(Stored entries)

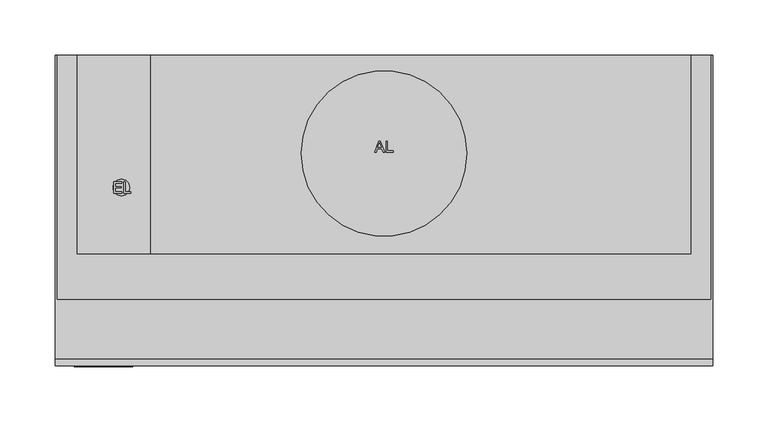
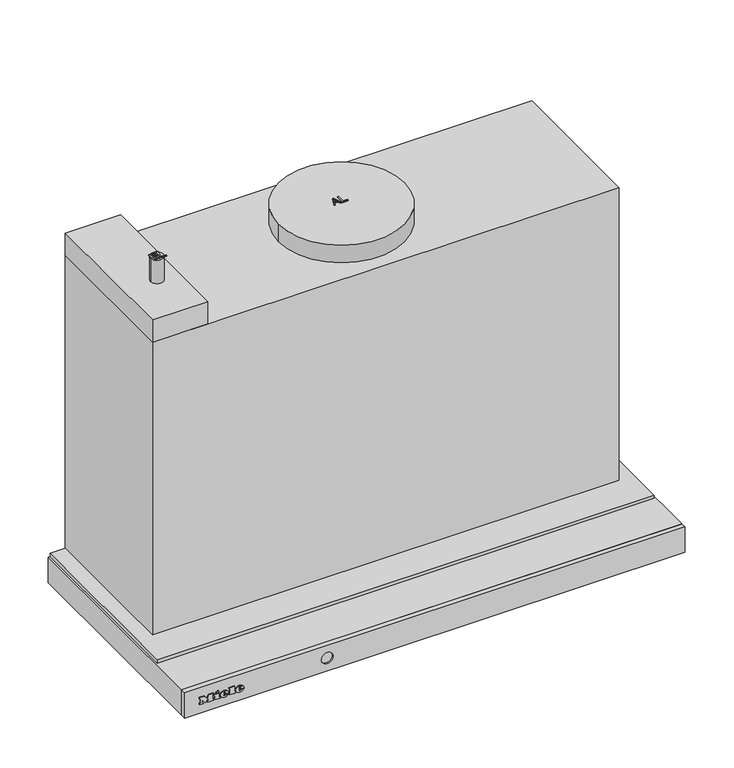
"""IFC4 building model written with IfcOpenShell, lengths in millimetres: proxy geometry, 12491120_RU_DAS4631_OBSW : 28S4631B_RU_12491120_DAS4631_OBSW."""

from ifc_helpers import new_model, si_unit, point, frame, frame_2d, origin, origin_with_axes, place, context, project, spatial, polyline, circle_curve, ellipse_curve, trimmed, segment, composite_curve, outline, extrude, faceted_brep, source, transform, mapped, element, save
from ifc_brep_helpers import plane_surface, cylinder_surface, revolved_surface, extruded_surface, advanced_brep


def specialty_equipment_66e986f9(model_context):
    return source(origin(), model_context, "Body", "SolidModel", [
        advanced_brep(
        [(-233.4590019, -282.1878927, -18.7681017), (-233.4590019, -282.1878927, -17.8894017), (-227.6387019, -282.1878927, -17.8894017), (-237.7655019, -282.1878927, -17.8894017), (-235.3730019, -282.1878927, -20.8300017), (-227.7866019, -282.1878927, -18.7681017), (-230.4140019, -282.1878927, -18.7681017), (-232.4846019, -282.1878927, -19.7425017), (-233.4590019, -282.1878927, -16.7758017), (-233.4590019, -282.1878927, -15.8275017), (-231.9713019, -282.1878927, -15.8275017), (-231.9713019, -282.1878927, -16.7758017), (-233.4590019, -281.1878927, -18.7681017), (-232.4846019, -281.1878927, -19.7425017), (-230.4140019, -281.1878927, -18.7681017), (-227.7866019, -281.1878927, -18.7681017), (-235.3730019, -281.1878927, -20.8300017), (-237.7655019, -281.1878927, -17.8894017), (-227.6387019, -281.1878927, -17.8894017), (-233.4590019, -281.1878927, -17.8894017), (-233.4590019, -281.1878927, -16.7758017), (-231.9713019, -281.1878927, -16.7758017), (-231.9713019, -281.1878927, -15.8275017), (-233.4590019, -281.1878927, -15.8275017)],
        [
            (0, 1),
            (1, 2),
            (2, 3, ellipse_curve(frame((-232.7021019, -282.1878927, -17.8894017), z_axis=(0.0, -1.0, 0.0), x_axis=(-1.0, 0.0, 0.0)), 5.0634, 4.1847)),
            (3, 4, circle_curve(frame((-234.3985544, -282.1878927, -17.5936017), z_axis=(0.0, -1.0, 0.0), x_axis=(0.0, 0.0, -1.0)), 3.3799161)),
            (4, 5, circle_curve(frame((-232.8034638, -282.1878927, -15.2968017), z_axis=(0.0, -1.0, 0.0), x_axis=(0.0, 0.0, -1.0)), 6.1007236)),
            (5, 6),
            (6, 7, circle_curve(frame((-232.0593254, -282.1878927, -17.9590017), z_axis=(0.0, 1.0, 0.0), x_axis=(0.0, 0.0, -1.0)), 1.8335027)),
            (7, 0, circle_curve(frame((-232.4846019, -282.1878927, -18.7681017), z_axis=(0.0, 1.0, 0.0), x_axis=(0.0, 0.0, -1.0)), 0.9744)),
            (8, 9),
            (9, 10, circle_curve(frame((-232.7151519, -282.1878927, -15.8275017), z_axis=(0.0, 1.0, 0.0), x_axis=(0.0, 0.0, -1.0)), 0.74385)),
            (10, 11),
            (11, 8),
            (12, 13, circle_curve(frame((-232.4846019, -281.1878927, -18.7681017), z_axis=(0.0, -1.0, 0.0), x_axis=(0.0, 0.0, -1.0)), 0.9744)),
            (13, 14, circle_curve(frame((-232.0593254, -281.1878927, -17.9590017), z_axis=(0.0, -1.0, 0.0), x_axis=(0.0, 0.0, -1.0)), 1.8335027)),
            (14, 15),
            (15, 16, circle_curve(frame((-232.8034638, -281.1878927, -15.2968017), z_axis=(0.0, 1.0, 0.0), x_axis=(0.0, 0.0, -1.0)), 6.1007236)),
            (16, 17, circle_curve(frame((-234.3985544, -281.1878927, -17.5936017), z_axis=(0.0, 1.0, 0.0), x_axis=(0.0, 0.0, -1.0)), 3.3799161)),
            (17, 18, ellipse_curve(frame((-232.7021019, -281.1878927, -17.8894017), z_axis=(0.0, 1.0, 0.0), x_axis=(-1.0, 0.0, 0.0)), 5.0634, 4.1847)),
            (18, 19),
            (19, 12),
            (20, 21),
            (21, 22),
            (22, 23, circle_curve(frame((-232.7151519, -281.1878927, -15.8275017), z_axis=(0.0, -1.0, 0.0), x_axis=(0.0, 0.0, -1.0)), 0.74385)),
            (23, 20),
            (0, 12),
            (19, 1),
            (18, 2),
            (5, 15),
            (14, 6),
            (17, 3),
            (13, 7),
            (16, 4),
            (8, 20),
            (23, 9),
            (22, 10),
            (21, 11),
        ],
        [
            plane_surface(frame((-233.4590019, -282.1878927, -17.8894017), z_axis=(0.0, -1.0, 0.0), x_axis=(0.0, 0.0, 1.0))),
            plane_surface(frame((-233.4590019, -281.1878927, -17.8894017), z_axis=(0.0, 1.0, 0.0), x_axis=(0.0, 0.0, -1.0))),
            plane_surface(frame((-233.4590019, -282.1878927, -18.7681017), z_axis=(1.0, 0.0, 0.0), x_axis=(0.0, 1.0, 0.0))),
            plane_surface(frame((-233.4590019, -282.1878927, -17.8894017), z_axis=(0.0, 0.0, -1.0), x_axis=(0.0, 1.0, 0.0))),
            plane_surface(frame((-227.7866019, -282.1878927, -18.7681017), z_axis=(0.0, 0.0, 1.0), x_axis=(0.0, 1.0, 0.0))),
            extruded_surface(trimmed(ellipse_curve(frame((-232.7021019, -280.1878927, -17.8894017), z_axis=(0.0, -1.0, 0.0), x_axis=(-1.0, 0.0, 0.0)), 5.0634, 4.1847), [point((-227.6387019, -280.1878927, -17.8894017))], [point((-237.7655019, -280.1878927, -17.8894017))], True, "CARTESIAN"), (0.0, -1.0, 0.0), 1.0),
            revolved_surface(polyline([(-232.0593254, -281.1878927, -19.792504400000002), (-232.0593254, -282.1878927, -19.792504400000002)]), (-232.0593254, -281.1878927, -17.9590017), (0.0, 1.0, 0.0)),
            revolved_surface(polyline([(-232.4846019, -281.1878927, -19.7425017), (-232.4846019, -282.1878927, -19.7425017)]), (-232.4846019, -281.1878927, -18.7681017), (0.0, 1.0, 0.0)),
            cylinder_surface(frame((-234.3985544, -281.1878927, -17.5936017), z_axis=(0.0, -1.0, 0.0), x_axis=(0.0, 0.0, -1.0)), 3.3799161),
            cylinder_surface(frame((-232.8034638, -281.1878927, -15.2968017), z_axis=(0.0, -1.0, 0.0), x_axis=(0.0, 0.0, -1.0)), 6.1007236),
            plane_surface(frame((-233.4590019, -282.1878927, -16.7758017), z_axis=(1.0, 0.0, 0.0), x_axis=(0.0, 1.0, 0.0))),
            revolved_surface(polyline([(-232.7151519, -281.1878927, -16.571351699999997), (-232.7151519, -282.1878927, -16.571351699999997)]), (-232.7151519, -281.1878927, -15.8275017), (0.0, 1.0, 0.0)),
            plane_surface(frame((-231.9713019, -282.1878927, -15.8275017), z_axis=(-1.0, 0.0, 0.0), x_axis=(0.0, 1.0, 0.0))),
            plane_surface(frame((-231.9713019, -282.1878927, -16.7758017), z_axis=(0.0, 0.0, 1.0), x_axis=(0.0, 1.0, 0.0))),
        ],
        [
            (0, [[1, 2, 3, 4, 5, 6, 7, 8], [9, 10, 11, 12]]),
            (1, [[13, 14, 15, 16, 17, 18, 19, 20], [21, 22, 23, 24]]),
            (2, [[-1, 25, -20, 26]]),
            (3, [[-2, -26, -19, 27]]),
            (4, [[-6, 28, -15, 29]]),
            (5, [[-3, -27, -18, 30]]),
            (6, [[-7, -29, -14, 31]]),
            (7, [[-8, -31, -13, -25]]),
            (8, [[-4, -30, -17, 32]]),
            (9, [[-5, -32, -16, -28]]),
            (10, [[-9, 33, -24, 34]]),
            (11, [[-10, -34, -23, 35]]),
            (12, [[-11, -35, -22, 36]]),
            (13, [[-12, -36, -21, -33]]),
        ],
    ),
        advanced_brep(
        [(-251.6159019, -282.1878927, -18.7681017), (-251.6159019, -282.1878927, -17.8894017), (-245.7956019, -282.1878927, -17.8894017), (-255.9224019, -282.1878927, -17.8894017), (-253.5299019, -282.1878927, -20.8300017), (-245.9435019, -282.1878927, -18.7681017), (-248.5709019, -282.1878927, -18.7681017), (-250.6415019, -282.1878927, -19.7425017), (-251.6159019, -282.1878927, -16.7758017), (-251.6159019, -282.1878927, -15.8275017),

**WORK TASK:** Say how many lines above contain the string "from", writing only the number.

**WRITTEN ANSWER:** 2